> _The task_
Nothing but the lines from the top of the records through the line with "import ezdxf" should be returned, exactly, and without pictures.
☆ ☆ ☆ ☆ ☆ ☆ ☆
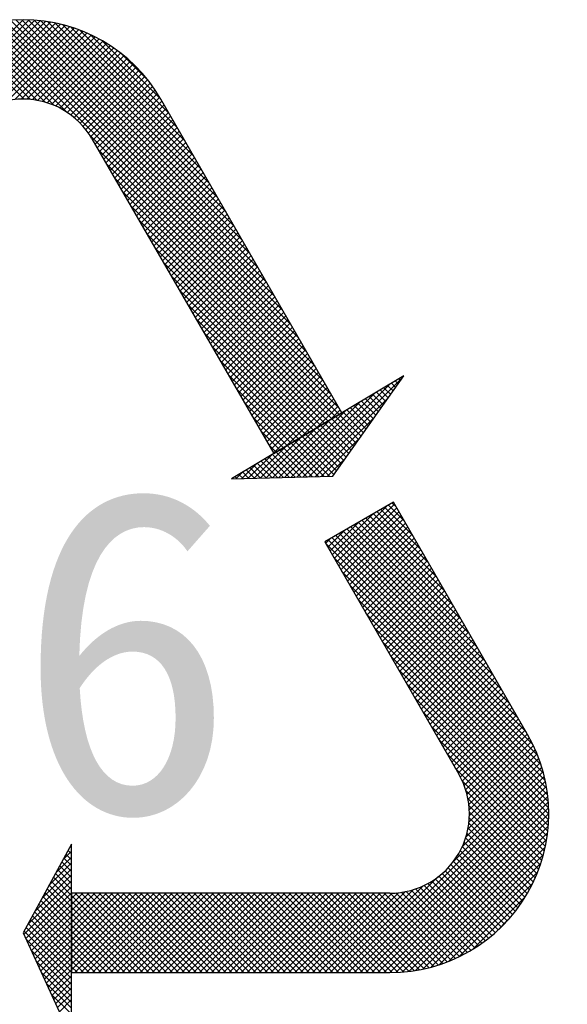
# Model space of a CAD drawing. Extents: x 641 to 1470, y 11 to 605.
# Tile 13 of 17: x 1270.3 to 1275.38, y 98.77 to 107.9. Entities that reach past the tile are written whole.
import ezdxf

# ---------------------------------------------------------------- set-up
doc = ezdxf.new("R2010")
doc.units = 0
doc.header["$MEASUREMENT"] = 0
doc.layers.get('0').update_dxf_attribs({"linetype": 'CONTINUOUS'})
doc.layers.add('M8-2', color=2, linetype='CONTINUOUS')
doc.layers.add('粗实线', color=2, linetype='CONTINUOUS', lineweight=35)
doc.styles.add('宋体', font='txt')

msp = doc.modelspace()

# ---------------------------------------------------------------- linework, layer by layer
at = {"color": 2, "linetype": 'Continuous'}
for p, q in [((1267.7858, 104.9735), (1270.6739, 107.8616)), ((1267.8612, 105.104), (1270.6276, 107.8704)), ((1267.9365, 105.2345), (1270.5807, 107.8787)), ((1268.0119, 105.365), (1270.5338, 107.887)), ((1268.0872, 105.4955), (1270.4856, 107.8939)), ((1268.1625, 105.626), (1270.4334, 107.8969)), ((1268.2379, 105.7565), (1270.3813, 107.8999)), ((1268.3132, 105.887), (1270.3292, 107.903)), ((1269.8802, 107.0127), (1270.7163, 107.8489)), ((1269.8891, 107.8336), (1270.6169, 107.1058)), ((1269.9315, 107.8463), (1270.7329, 107.0449)), ((1269.974, 107.859), (1272.8858, 104.9472)), ((1270.0194, 107.8688), (1272.8104, 105.0777)), ((1270.0199, 107.0973), (1270.7588, 107.8362)), ((1270.0663, 107.8771), (1272.7351, 105.2082)), ((1270.1132, 107.8853), (1272.6598, 105.3387)), ((1270.1604, 107.8933), (1272.5844, 105.4692)), ((1270.2125, 107.8963), (1272.5091, 105.5997)), ((1270.2646, 107.8993), (1272.4337, 105.7302)), ((1270.3167, 107.9024), (1272.3584, 105.8607)), ((1270.3739, 107.9004), (1272.283, 105.9912)), ((1270.4324, 107.897), (1272.2077, 106.1217)), ((1270.491, 107.8935), (1272.1324, 106.2522)), ((1270.5568, 107.8829), (1272.057, 106.3827)), ((1270.6237, 107.8711), (1271.9817, 106.5132)), ((1270.6947, 107.8554), (1271.9063, 106.6437)), ((1270.7734, 107.8318), (1271.831, 106.7742)), ((1269.729, 107.7731), (1270.3365, 107.1655)), ((1269.7675, 107.7897), (1270.3951, 107.1621)), ((1269.806, 107.8064), (1270.4594, 107.153)), ((1269.8466, 107.8209), (1270.5313, 107.1362)), ((1270.1092, 107.1315), (1270.8012, 107.8235)), ((1270.1835, 107.1506), (1270.8426, 107.8097)), ((1270.2495, 107.1614), (1270.8812, 107.7931)), ((1270.3081, 107.1648), (1270.9197, 107.7765)), ((1270.3624, 107.164), (1270.9582, 107.7598)), ((1270.4145, 107.1609), (1270.9961, 107.7426)), ((1270.8567, 107.8036), (1271.7556, 106.9047)), ((1270.9537, 107.7618), (1271.6803, 107.0352)), ((1270.4613, 107.1526), (1271.0311, 107.7224)), ((1270.5073, 107.1434), (1271.0661, 107.7022)), ((1270.5497, 107.1307), (1271.101, 107.682)), ((1270.5911, 107.1169), (1271.136, 107.6618)), ((1271.0717, 107.6989), (1271.605, 107.1657)), ((1270.6296, 107.1003), (1271.1678, 107.6385)), ((1270.6673, 107.0828), (1271.1994, 107.615)), ((1270.7023, 107.0626), (1271.231, 107.5914)), ((1270.7368, 107.0421), (1271.2627, 107.5679)), ((1271.2441, 107.5817), (1271.4793, 107.3465)), ((1270.7685, 107.0185), (1271.2924, 107.5424)), ((1270.8001, 106.995), (1271.3208, 107.5157)), ((1270.8287, 106.9684), (1271.3491, 107.4889)), ((1270.857, 106.9416), (1271.3775, 107.4621)), ((1270.883, 106.9125), (1271.4053, 107.4347)), ((1270.9082, 106.8825), (1271.4304, 107.4047)), ((1270.9315, 106.8507), (1271.4556, 107.3747)), ((1270.9534, 106.8174), (1271.4808, 107.3447)), ((1270.9746, 106.7834), (1271.5059, 107.3148)), ((1270.9948, 106.7485), (1271.5284, 107.2821)), ((1271.015, 106.7135), (1271.5503, 107.2488)), ((1271.0352, 106.6785), (1271.5722, 107.2155)), ((1271.0554, 106.6436), (1271.5941, 107.1823)), ((1271.0756, 106.6086), (1271.6151, 107.1481)), ((1271.0957, 106.5736), (1271.6353, 107.1132)), ((1271.1159, 106.5387), (1271.6555, 107.0782)), ((1271.1361, 106.5037), (1271.6757, 107.0432)), ((1271.1563, 106.4687), (1271.6958, 107.0083)), ((1271.1765, 106.4338), (1271.716, 106.9733)), ((1271.1967, 106.3988), (1271.7362, 106.9383)), ((1270.9399, 106.838), (1272.9611, 104.8167)), ((1271.2169, 106.3638), (1271.7564, 106.9034)), ((1271.2371, 106.3289), (1271.7766, 106.8684)), ((1271.2572, 106.2939), (1271.7968, 106.8334)), ((1271.2774, 106.2589), (1271.817, 106.7985)), ((1271.2976, 106.224), (1271.8372, 106.7635)), ((1271.0229, 106.6998), (1273.0365, 104.6862)), ((1271.3178, 106.189), (1271.8573, 106.7285)), ((1271.338, 106.154), (1271.8775, 106.6936)), ((1271.3582, 106.1191), (1271.8977, 106.6586)), ((1271.0982, 106.5693), (1273.1118, 104.5557)), ((1271.3784, 106.0841), (1271.9179, 106.6236)), ((1271.3986, 106.0491), (1271.9381, 106.5887)), ((1271.4188, 106.0142), (1271.9583, 106.5537)), ((1271.4389, 105.9792), (1271.9785, 106.5187)), ((1271.4591, 105.9442), (1271.9987, 106.4838)), ((1271.1736, 106.4388), (1273.1872, 104.4252)), ((1271.4793, 105.9093), (1272.0189, 106.4488)), ((1271.4995, 105.8743), (1272.039, 106.4138)), ((1271.5197, 105.8393), (1272.0592, 106.3789)), ((1271.2489, 106.3083), (1273.2625, 104.2947)), ((1271.5399, 105.8044), (1272.0794, 106.3439)), ((1271.5601, 105.7694), (1272.0996, 106.3089)), ((1271.5803, 105.7344), (1272.1198, 106.274)), ((1271.6004, 105.6995), (1272.14, 106.239)), ((1271.6206, 105.6645), (1272.1602, 106.204)), ((1271.3243, 106.1778), (1273.2621, 104.24)), ((1271.6408, 105.6295), (1272.1804, 106.1691)), ((1271.661, 105.5946), (1272.2005, 106.1341)), ((1271.6812, 105.5596), (1272.2207, 106.0991)), ((1271.3996, 106.0473), (1273.2276, 104.2193)), ((1271.7014, 105.5246), (1272.2409, 106.0642)), ((1271.7216, 105.4897), (1272.2611, 106.0292)), ((1271.475, 105.9168), (1273.1931, 104.1987)), ((1271.7418, 105.4547), (1272.2813, 105.9942)), ((1271.762, 105.4197), (1272.3015, 105.9593)), ((1271.7821, 105.3848), (1272.3217, 105.9243)), ((1271.8023, 105.3498), (1272.3419, 105.8893)), ((1271.8225, 105.3148), (1272.3621, 105.8544)), ((1271.8427, 105.2799), (1272.3822, 105.8194)), ((1271.5503, 105.7863), (1273.1586, 104.178)), ((1271.8629, 105.2449), (1272.4024, 105.7844)), ((1271.8831, 105.2099), (1272.4226, 105.7495)), ((1271.6256, 105.6558), (1273.1241, 104.1574)), ((1271.9033, 105.175), (1272.4428, 105.7145)), ((1271.9235, 105.14), (1272.463, 105.6795)), ((1271.9436, 105.105), (1272.4832, 105.6446)), ((1271.9638, 105.0701), (1272.5034, 105.6096)), ((1271.984, 105.0351), (1272.5236, 105.5746)), ((1271.701, 105.5253), (1273.0896, 104.1367)), ((1272.0042, 105.0001), (1272.5437, 105.5397)), ((1272.0244, 104.9652), (1272.5639, 105.5047)), ((1272.0446, 104.9302), (1272.5841, 105.4697)), ((1271.7763, 105.3948), (1273.0551, 104.1161)), ((1272.0648, 104.8952), (1272.6043, 105.4348)), ((1272.085, 104.8603), (1272.6245, 105.3998)), ((1272.1052, 104.8253), (1272.6447, 105.3648)), ((1272.1253, 104.7903), (1272.6649, 105.3299)), ((1272.1455, 104.7554), (1272.6851, 105.2949)), ((1271.8517, 105.2643), (1273.0206, 104.0954)), ((1272.1657, 104.7204), (1272.7053, 105.2599)), ((1272.1859, 104.6854), (1272.7254, 105.225)), ((1272.2061, 104.6504), (1272.7456, 105.19)), ((1271.927, 105.1338), (1272.9861, 104.0747)), ((1272.2263, 104.6155), (1272.7658, 105.155)), ((1272.2465, 104.5805), (1272.786, 105.1201)), ((1272.0024, 105.0033), (1272.9516, 104.0541)), ((1272.2667, 104.5455), (1272.8062, 105.0851)), ((1272.2868, 104.5106), (1272.8264, 105.0501)), ((1272.307, 104.4756), (1272.8466, 105.0151)), ((1272.3272, 104.4406), (1272.8668, 104.9802)), ((1272.3474, 104.4057), (1272.8869, 104.9452)), ((1272.3676, 104.3707), (1272.9071, 104.9102)), ((1272.0777, 104.8728), (1272.9171, 104.0334)), ((1272.3878, 104.3357), (1272.9273, 104.8753)), ((1272.408, 104.3008), (1272.9475, 104.8403)), ((1272.1531, 104.7423), (1272.8826, 104.0128)), ((1272.4282, 104.2658), (1272.9677, 104.8053)), ((1272.4484, 104.2308), (1272.9879, 104.7704)), ((1272.4685, 104.1959), (1273.0081, 104.7354)), ((1272.4887, 104.1609), (1273.0283, 104.7004)), ((1272.5089, 104.1259), (1273.0485, 104.6655)), ((1272.5291, 104.091), (1273.0686, 104.6305)), ((1272.2284, 104.6118), (1272.8481, 103.9921)), ((1272.5493, 104.056), (1273.0888, 104.5955)), ((1272.5695, 104.021), (1273.109, 104.5606)), ((1272.9239, 103.6584), (1273.8548, 104.5893)), ((1273.7795, 104.5499), (1273.8072, 104.5222)), ((1273.814, 104.5705), (1273.8301, 104.5545)), ((1273.8485, 104.5912), (1273.853, 104.5868)), ((1272.3037, 104.4813), (1272.8136, 103.9714)), ((1272.5897, 103.9861), (1273.1292, 104.5256)), ((1272.6099, 103.9511), (1273.1494, 104.4906)), ((1272.63, 103.9161), (1273.1696, 104.4557)), ((1272.8673, 103.657), (1273.7312, 104.5209)), ((1273.6071, 104.4466), (1273.6929, 104.3608)), ((1273.6415, 104.4672), (1273.7157, 104.3931)), ((1273.676, 104.4879), (1273.7386, 104.4253)), ((1273.7105, 104.5085), (1273.7615, 104.4576)), ((1273.745, 104.5292), (1273.7843, 104.4899)), ((1272.6502, 103.8812), (1273.1898, 104.4207)), ((1272.7541, 103.6541), (1273.4563, 104.3563)), ((1272.7689, 103.9447), (1273.21, 104.3857)), ((1272.8107, 103.6555), (1273.5938, 104.4386)), ((1272.9805, 103.6599), (1273.7208, 104.4002)), ((1273.4691, 104.3639), (1273.6014, 104.2316)), ((1273.5036, 104.3846), (1273.6242, 104.2639)), ((1273.5381, 104.4053), (1273.6471, 104.2962)), ((1273.5726, 104.4259), (1273.67, 104.3285)), ((1272.3791, 104.3508), (1272.7791, 103.9508)), ((1272.6975, 103.6526), (1273.3188, 104.274)), ((1272.9063, 104.027), (1273.2301, 104.3508)), ((1273.0438, 104.1093), (1273.2503, 104.3158)), ((1273.1813, 104.1916), (1273.2705, 104.2808)), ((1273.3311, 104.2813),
☆ ☆ ☆ ☆ ☆ ☆ ☆
> _Written answer_
# Model space of a CAD drawing. Extents: x 641 to 1470, y 11 to 605.
# Tile 13 of 17: x 1270.3 to 1275.38, y 98.77 to 107.9. Entities that reach past the tile are written whole.
import ezdxf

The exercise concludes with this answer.